Krafttraining fürs Laufen mit Athletictrainer Jannes Müller
Die Lösung: Krafttraining. Viele Läuferinnen verbinden Krafttraining mit muskulösen Bodybuildern, schweren Gewichten und großen Bizeps. Kein Wunder also, dass viele Ausdauersportlerinnen zögern, es in ihren Trainingsplan zu integrieren. Doch das Gegenteil ist der Fall. Denn Krafttraining reduziert nicht nur
das Verletzungsrisiko, sondern verbessert auch die Laufökonomie und die Kraftentwicklung am Boden und damit langfristig auch die Laufleistung.
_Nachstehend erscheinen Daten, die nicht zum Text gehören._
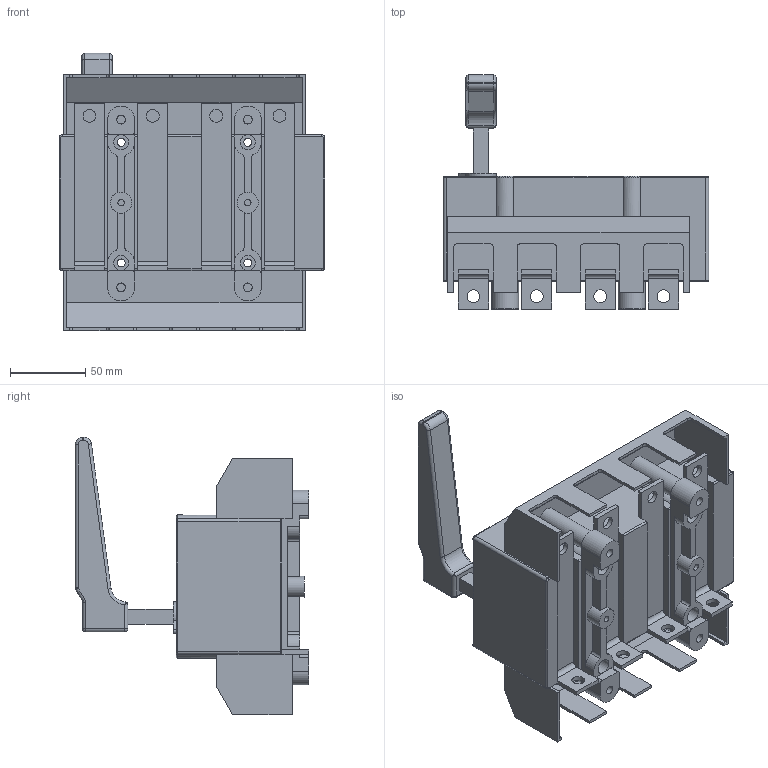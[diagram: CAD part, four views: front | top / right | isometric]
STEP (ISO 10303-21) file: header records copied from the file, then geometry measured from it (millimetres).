
FILE_DESCRIPTION(/* description */ (''),/* implementation_level */ '2;1');
FILE_NAME(/* name */ 'RA160 P3 NB-R z oslona zaciskow.stp',/* time_stamp */ '2021-08-17T14:06:18+02:00',/* author */ (''),/* organization */ (''),/* preprocessor_version */ 'ST-DEVELOPER v18.1',/* originating_system */ 'SIEMENS PLM Software NX 1965',/* authorisation */ '');
FILE_SCHEMA (('AUTOMOTIVE_DESIGN { 1 0 10303 214 3 1 1 1 }'));
Length unit declared in the file: millimetre
Products named in the file (1): RA160 P3 NB-R z oslona zaciskow
Bounding box: 176 x 155 x 183.9 mm (x, y, z)
Volume: 1251613.6 mm3; surface area: 169769.5 mm2
Topology: 1 solids, 1 shells, 362 faces, 1011 edges, 652 vertices
Faces by surface type: plane 186, cylinder 150, torus 12, bspline 8, sphere 6
Full cylindrical faces by diameter (mm): 4.3 x2, 5.3 x4, 5.8 x4, 8.5 x8, 10 x12, 13 x4, 14 x2
Entity records: 11716 total; most frequent: CARTESIAN_POINT 2358, DIRECTION 1969, ORIENTED_EDGE 1898, EDGE_CURVE 949, AXIS2_PLACEMENT_3D 687, VERTEX_POINT 624, LINE 595, VECTOR 595

Fehler Nr. 1: Den Puls hochbringen
Viele Läuferinnen denken: „Damit das Krafttraining mich im Laufen besser macht, sollte es auch maximal laufspezifisch sein und sich auch so anfühlen.“ Aus diesem Grund verwandeln viele ihr Krafttraining in eine Ausdauereinheit mit Gewichten. Bedeutet also, sie versuchen den Puls hochzubekommen, außer Atem zu kommen und möglichst kurze Pausen zu machen. Krafttraining ist aber für etwas ganz anderes da, und zwar, deinen Körper fürs Laufen belastbarer und leistungsfähiger zu machen. Damit du genau das erreichst, ist es wichtig, jede Übung mit einem Gewicht zu machen, welches schwer genug ist, um auch wirklich eine körperliche Anpassung zu erzeugen. Und das geht nur, wenn du ausreichend Pausen machst und jede Übung mit viel Energie angehst.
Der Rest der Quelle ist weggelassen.